Quebec accounted for 13.4% of Canada’s 229,373 farms in 2006, slightly higher than the share in 2001. Quebec’s total ranked 4th in Canada.

At the same time, Quebec reported 45,470 farm operators, a 4.1% decline from 2001.

Farm area

Farms in Quebec averaged 279 acres of land in 2006, up from 263 acres five years earlier.

Total area of land on farms in Quebec increased 1.3% between 2001 and 2006 to 8.6 million acres in 2006. It has about 5.1% of the total farm area in Canada.

Farmers reported 4.8 million acres of cropland in Quebec in 2006, up 4.5% from 2001. The province accounts for about 5.4% of all cropland area in the nation. Cropland is the total area in field crops, fruits, vegetables, sod and nursery.

Farm finance

Quebec’s total gross farm receipts were 7.4 billion in 2005, while operating expenses reached 6.0 billion.

Government-funded program payments contributed significantly to gross farm receipts. Farmers themselves contribute to many of these programs by paying premiums much like any insurance plan. According to Statistics Canada data on direct program payments to agriculture producers, in 2000 for Quebec, 8.8% of receipts were from program payments; by 2005 the proportion had grown to 10.1%. The actual value of these payments increased from $541.5million to $749.3 million (in current dollars) during this period.

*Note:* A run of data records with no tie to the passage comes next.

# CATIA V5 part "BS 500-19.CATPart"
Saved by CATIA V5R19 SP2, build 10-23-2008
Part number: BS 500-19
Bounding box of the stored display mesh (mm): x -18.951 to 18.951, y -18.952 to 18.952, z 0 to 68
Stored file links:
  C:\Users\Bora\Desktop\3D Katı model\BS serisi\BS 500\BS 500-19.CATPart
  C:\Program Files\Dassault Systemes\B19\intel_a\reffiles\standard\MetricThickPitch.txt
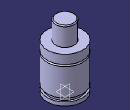
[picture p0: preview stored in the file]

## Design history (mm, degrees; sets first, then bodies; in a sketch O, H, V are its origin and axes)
Body1 (main body)
  Sketch1 on yz-plane, origin (0, 0, 0), H (0, 1, 0), V (0, 0, 1)
    point P1 (10, 67)
    point P3 (10, 67)
    point P5 (19, 38.5)
    point P6 (19, 36.5)
    point P9 (19, 38.5)
    point P14 (19, 36.5)
    line L1 (10, 67) -> (10, 48)
    arc A1 centre (9, 67) radius 1 from (10, 67) to (9, 68) ccw
    arc A2 centre (19, 37.5) radius 1 from (19, 38.5) to (19, 36.5) ccw
    line L2 (19, 0) -> (19, 4)
    line L3 (19, 38.5) -> (19, 48)
    line L4 (17, 7.5) -> (17, 4)
    line L5 (19, 7.5) -> (19, 36.5)
    line L6 (9, 68) -> (0, 68)
    point P15 (0, 68)
    line L7 (10, 48) -> (19, 48)
    line L8 (0, 0) -> (19, 0)
    line L9 (17, 7.5) -> (19, 7.5)
    line L10 (17, 4) -> (19, 4)
    tangency: L6 A1
    coincidence: P15 V, P1 P3, P5 P9, P6 P14
    horizontal: L7 H, L8 H, L9 H, L10 H
  Shaft1: profile Sketch1, axis Sketch1.V, angle 360
  Sketch2 on face of Shaft1 from Sketch1.L8, origin (0, 0, 0), H (1, 0, 0), V (0, -1, 0)
    point P1 (0, 0)
  Hole1: placed by Sketch2, at (0, 0, 0) direction (0, 0, 1), diameter 6.647, depth 4, threaded "M8", thread diameter 8, thread depth 4, pitch 1.25

According to the farm input price index (FIPI) and the farm product price index (FPPI), the inflation over this period on prices farmers had to pay for the inputs they purchased rose more quickly than the inflation on the prices they received for the products they sold — 8.0% for inputs versus 5.4% for products sold. At the Canada level, farm input prices rose 8.6% while farm product prices rose only 1.7%.

Overall, improved efficiency, increased program payments, and higher production have helped to keep the ratios between expenses and receipts relatively stable. Operators were spending an average of 82 cents in expenses (excluding depreciation) for every dollar of receipts in 2005, about 1 cent less than they spent in 2000.

The number of farms with less than $250,000 of gross farm receipts (at 2005 constant prices) declined by 10.6% between censuses and those with $250,000 or more (at 2005 constant prices) increased by 18.1%. There were 8,011 of these larger farms in Quebec in 2006, and while they only represented 26.1% of farms in the province, they accounted for 79.1% of total provincial gross farm receipts reported for the year 2005.

Organic farms

According to the census there were 2,323 farms with organic production in Quebec on census day, 7.6% of all farms in the province. Nationwide, 6.8% of all farms reported organic production.

For the first time, farmers were able to report on their census forms the status of organic products grown or raised. Of the 2,323 farms reporting organic products in Quebec, 32.9% produced certified organic products, 5.4% were in transition to becoming certified and 64.6% produced organic products but were not certified by a Certifying Agency. Farms can indicate more than one organic status.

The predominant group of organic products grown in Quebec was hay or field crops. They were reported on 36.4% of the province’s organic farms.

Farm operators

Of Quebec’s 45,470 operators in 2006, 26.0% were women, up from 25.7% five years earlier. Nationally, 27.8% of farm operators in 2006 were women.

In 2005, about 57.0% of farmers worked more than 40 hours a week on their farm operations, up slightly from five years earlier. Nationwide, 46.7% of farmers worked more than 40 hours per week on their farms.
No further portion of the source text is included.